Timing of the deglaciation in southern Patagonia: Testing the applicability of K-Feldspar IRSL

The timing of the ice margin retreat of the Late Glacial Patagonian Ice Sheet (PIS) in southern Patagonia has been the object of discussion for many years. In order to resolve questions about the complex response of the PIS to past climate change, any geological interpretation and data modelling need evaluation against an absolute chronology.

The aim of this project is to investigate the applicability of OSL dating to sediments from southern Patagonia; in particular, we examine the dating potential of K-feldspar IRSL signals. Samples were collected from landforms interpreted as being deposited during deglaciation of the PIS, with an expected age range of 17 and 22 ka, and from recently deposited sediment.

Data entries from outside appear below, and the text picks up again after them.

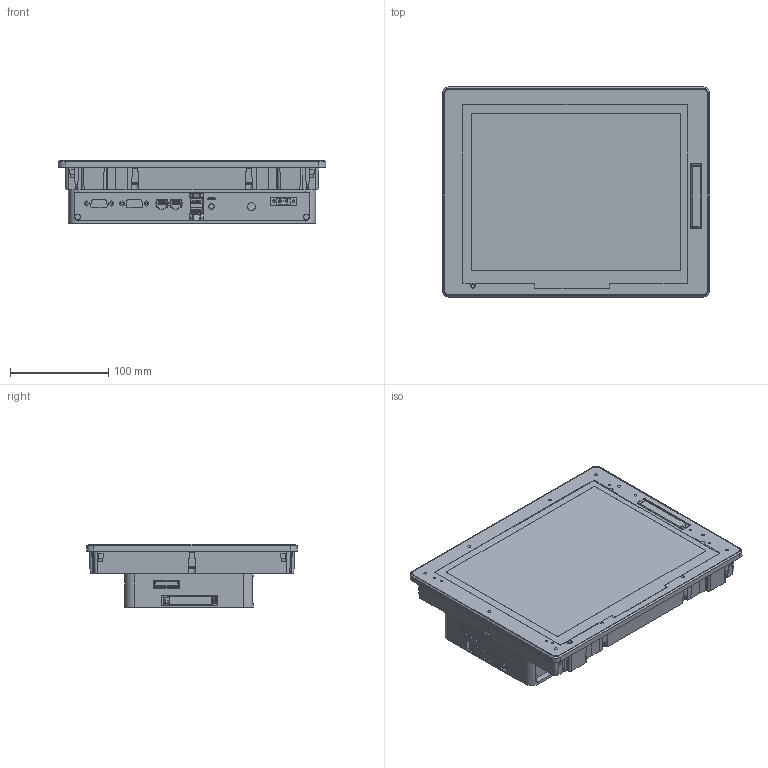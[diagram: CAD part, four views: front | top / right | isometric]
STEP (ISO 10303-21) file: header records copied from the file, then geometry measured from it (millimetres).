
FILE_DESCRIPTION (( 'STEP AP203' ), '1' );
FILE_NAME ('PFXGP6540TMDAI.STEP', '2024-05-31T13:57:51', ( '' ), ( '' ), 'SwSTEP 2.0', 'SolidWorks 2020', '' );
FILE_SCHEMA (( 'CONFIG_CONTROL_DESIGN' ));
Products named in the file (1): PFXGP6540TMDAI
Bounding box: 272.5 x 214.5 x 64.28 mm (x, y, z)
Volume: 2548479.9 mm3; surface area: 300384.6 mm2
Topology: 7 solids, 40 shells, 2916 faces, 8004 edges, 5213 vertices
Faces by surface type: plane 1801, cylinder 798, bspline 156, cone 146, torus 8, sphere 7
Entity records: 105993 total; most frequent: CARTESIAN_POINT 34202, ORIENTED_EDGE 15966, DIRECTION 13305, EDGE_CURVE 7983, LINE 5603, VECTOR 5603, VERTEX_POINT 5213, AXIS2_PLACEMENT_3D 3851
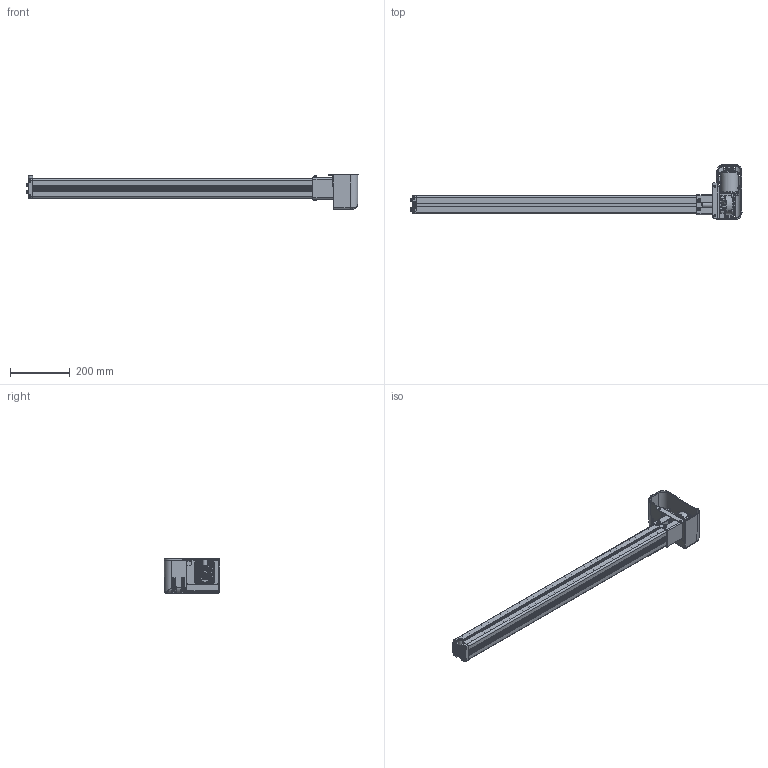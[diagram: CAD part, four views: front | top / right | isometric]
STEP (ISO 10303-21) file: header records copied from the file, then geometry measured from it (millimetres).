
FILE_DESCRIPTION(/* description */ ('Unknown'),/* implementation_level */ '2;1');
FILE_NAME(/* name */ '3X3.20037 Pumpe PF 4870 W mit Antrieb',/* time_stamp */ '2018-01-19T16:43:58+01:00',/* author */ ('Unknown'),/* organization */ ('Unknown'),/* preprocessor_version */ 'ST-DEVELOPER v16.7',/* originating_system */ 'DEX',/* authorisation */ $);
FILE_SCHEMA (('AUTOMOTIVE_DESIGN {1 0 10303 214 3 1 1}'));
Products named in the file (38): 103.20037; 115.10057_oa_0; 125.00126; 115.00008_oa_1; 142.00021; 125.00021; 115.10057_oa_2; 115.00008_oa_3; 142.00013; 115.10057_oa_4; 115.00008_oa_5; 115.10057_oa_6; 115.00008_oa_7; 142.00057; 125.00149; 115.00141; 126.00076; 122.00040; 119.00357; 126.00075; 112.0014X; 127.00315; 127.00314; 127.00313; 124.00090; Getriebe; Ring; Schraube; Stator; Abdeckplatte; Antriebswelle; 128.00051; 142.00018; 142.00019; 142.00228; 142.00131; 123.00029; 123.00044
Assembly tree (58 placements, depth 4):
  103.20037
    115.10057_oa_0
      125.00126
      115.00008_oa_1
      142.00021
      125.00021
    115.10057_oa_2
      125.00126
      115.00008_oa_3
      142.00021
      125.00021
    142.00013  x8
    115.10057_oa_4
      125.00126
      115.00008_oa_5
      142.00021
      125.00021
    115.10057_oa_6
      125.00126
      115.00008_oa_7
      142.00021
      125.00021
    142.00057
    125.00149
    115.00141
      126.00076
      122.00040
    119.00357
    126.00075
    112.0014X
      127.00315
        127.00314
        127.00313
      124.00090
        Getriebe
        Ring
        Schraube
        Stator
        Abdeckplatte
        Antriebswelle
      128.00051
      142.00018  x2
      142.00019  x2
      142.00228  x2
      142.00131  x3
      123.00029
    123.00044
Bounding box: 1112.42 x 186.04 x 115.45 mm (x, y, z)
Volume: 1617574.2 mm3; surface area: 978215.5 mm2
Topology: 46 solids, 48 shells, 4607 faces, 11898 edges, 7349 vertices
Faces by surface type: plane 1541, cylinder 1236, bspline 1115, cone 463, torus 200, sphere 52
Full cylindrical faces by diameter (mm): 2.5 x4, 3.2 x4, 3.5 x4, 3.9 x5, 4.1 x4, 4.2 x6, 4.4 x5, 4.5 x1, 4.917 x2, 5 x8, 5.5 x5, 6 x6, 6.4 x2, 6.8 x9, 6.917 x8, 7 x1, 8 x10, 8.5 x2, 9 x2, 9.5 x1, 9.8 x8, 10 x8, 10.3 x1, 10.32 x1, 10.4 x1, 11 x5, 13 x4, 14 x3, 14.4 x4, 15 x1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
Entity records: 177584 total; most frequent: CARTESIAN_POINT 86987, ORIENTED_EDGE 18960, DIRECTION 14065, EDGE_CURVE 9480, VERTEX_POINT 6216, AXIS2_PLACEMENT_3D 5196, FACE_BOUND 4424, EDGE_LOOP 4419
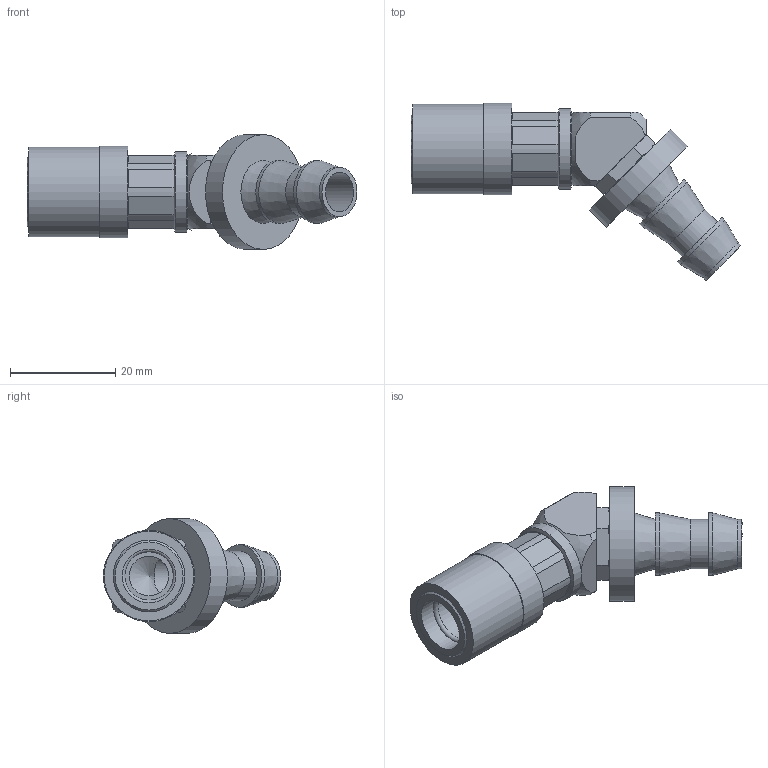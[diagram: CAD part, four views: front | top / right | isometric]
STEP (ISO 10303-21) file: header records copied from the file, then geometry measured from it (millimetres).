
FILE_DESCRIPTION(/* description */ ('STEP AP214'),/* implementation_level */ '2;1');
FILE_NAME(/* name */ 'JSL0226-V',/* time_stamp */ '2024-12-19T09:14:29+01:00',/* author */ ('License CC BY-ND 4.0'),/* organization */ ('CADENAS'),/* preprocessor_version */ 'ST-DEVELOPER v19.3',/* originating_system */ 'PARTsolutions',/* authorisation */ ' ');
FILE_SCHEMA (('AUTOMOTIVE_DESIGN {1 0 10303 214 3 1 1}'));
Length unit declared in the file: inch
Products named in the file (1): JSL0226-V
Bounding box: 62.7 x 33.69 x 21.84 mm (x, y, z)
Volume: 8483.5 mm3; surface area: 6124.6 mm2
Topology: 1 solids, 1 shells, 95 faces, 212 edges, 136 vertices
Faces by surface type: plane 63, cylinder 15, cone 13, sphere 3, torus 1
Full cylindrical faces by diameter (mm): 7.518 x2, 9.398 x3, 10.211 x2, 11.938 x2, 13.868 x1, 13.97 x1, 15.367 x1, 17.018 x1, 17.358 x1, 21.844 x1
Entity records: 2540 total; most frequent: CARTESIAN_POINT 459, DIRECTION 455, ORIENTED_EDGE 364, AXIS2_PLACEMENT_3D 192, EDGE_CURVE 182, FACE_BOUND 139, EDGE_LOOP 138, VERTEX_POINT 131
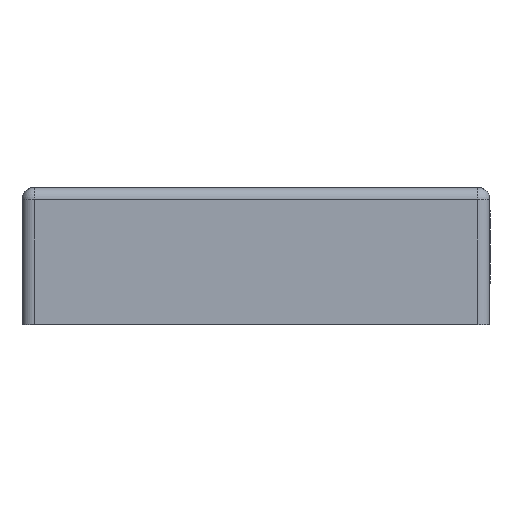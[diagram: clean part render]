
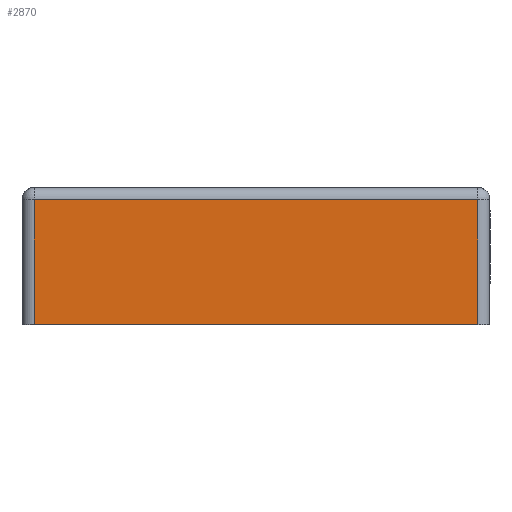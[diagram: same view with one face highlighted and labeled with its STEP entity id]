
A CAD part, front view. The second image highlights one B-rep face of the part: STEP entity #2870.
In plain terms, the highlighted planar face has unit normal (0, -1, -0.018).
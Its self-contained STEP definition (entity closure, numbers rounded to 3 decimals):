
#1858=FACE_OUTER_BOUND('',#4695,.T.);
#2870=ADVANCED_FACE('',(#1858),#3502,.F.);
#3502=PLANE('',#21621);
#4695=EDGE_LOOP('',(#14002,#14003,#14004,#14005));
#5334=LINE('',#29098,#7172);
#6301=LINE('',#35887,#8413);
#6624=LINE('',#36602,#8736);
#6625=LINE('',#36603,#8737);
#7172=VECTOR('',#22684,1.);
#8413=VECTOR('',#25073,1.);
#8736=VECTOR('',#25706,1.);
#8737=VECTOR('',#25707,1.);
#14002=ORIENTED_EDGE('',*,*,#19465,.T.);
#14003=ORIENTED_EDGE('',*,*,#19113,.T.);
#14004=ORIENTED_EDGE('',*,*,#19466,.T.);
#14005=ORIENTED_EDGE('',*,*,#17566,.T.);
#15425=VERTEX_POINT('',#28984);
#15468=VERTEX_POINT('',#29097);
#16351=VERTEX_POINT('',#35800);
#16389=VERTEX_POINT('',#35888);
#17566=EDGE_CURVE('',#15425,#15468,#5334,.T.);
#19113=EDGE_CURVE('',#16389,#16351,#6301,.T.);
#19465=EDGE_CURVE('',#15468,#16389,#6624,.T.);
#19466=EDGE_CURVE('',#16351,#15425,#6625,.T.);
#21621=AXIS2_PLACEMENT_3D('',#36604,#25708,#25709);
#22684=DIRECTION('',(0.,0.017,-1.));
#25073=DIRECTION('',(0.,-0.017,1.));
#25706=DIRECTION('',(1.,0.,0.));
#25707=DIRECTION('',(-1.,0.,0.));
#25708=DIRECTION('',(0.,1.,0.017));
#25709=DIRECTION('',(0.,-0.017,1.));
#28984=CARTESIAN_POINT('',(-42.508,52.707,0.));
#29097=CARTESIAN_POINT('',(-42.508,52.977,-15.474));
#29098=CARTESIAN_POINT('',(-42.508,52.842,-7.737));
#35800=CARTESIAN_POINT('',(12.492,52.707,0.));
#35887=CARTESIAN_POINT('',(12.492,52.842,-7.737));
#35888=CARTESIAN_POINT('',(12.492,52.977,-15.474));
#36602=CARTESIAN_POINT('',(-1.258,52.977,-15.474));
#36603=CARTESIAN_POINT('',(-1.258,52.707,0.));
#36604=CARTESIAN_POINT('',(13.992,52.706,0.029));

We measure small aliquots and single grain distributions using an IR50 SAR protocol with IRSL stimulation at 50 °C following a preheat at 250 °C (held for 60 s). Uncertainties are assigned to our individual dose estimates based on the over-dispersion (OD) observed in laboratory gamma dose recovery experiments (22% for small aliquots and 18% for single grains).

Then the possible effects of incomplete bleaching and differential fading are examined. For our natural samples we observe environmental ODs between 30 and 130% and mean residual doses between ∼30 and 80 Gy. Minimum age models are used to identify the part of the dose population that is most likely to have been well-bleached and results from these models are compared.

The models give ages that are consistent with each other; this may imply that they successfully identified the fully-bleached grains in the distributions, although there are some discrepancies between our small aliquot and single grain data. We observe large fading rates (on average 7.9 ± 0.6%/decade for large aliquots) but nevertheless a comparison of our fading corrected ages with the expected age range shows that 2 out of 3 ages are consistent with geological interpretation and an established radiocarbon and cosmogenic nuclide chronology.

We conclude that these investigations suggest that fading corrections can be based on laboratory average small aliquot/single grain fading rates. The third age is supported by an alternative geological interpretation, and the two ages consistent with the existing chronology imply that in the Strait of the Magellan the hills of the Brunswick peninsula (>70 m.a.s.l) were deglaciated at around 22 ka.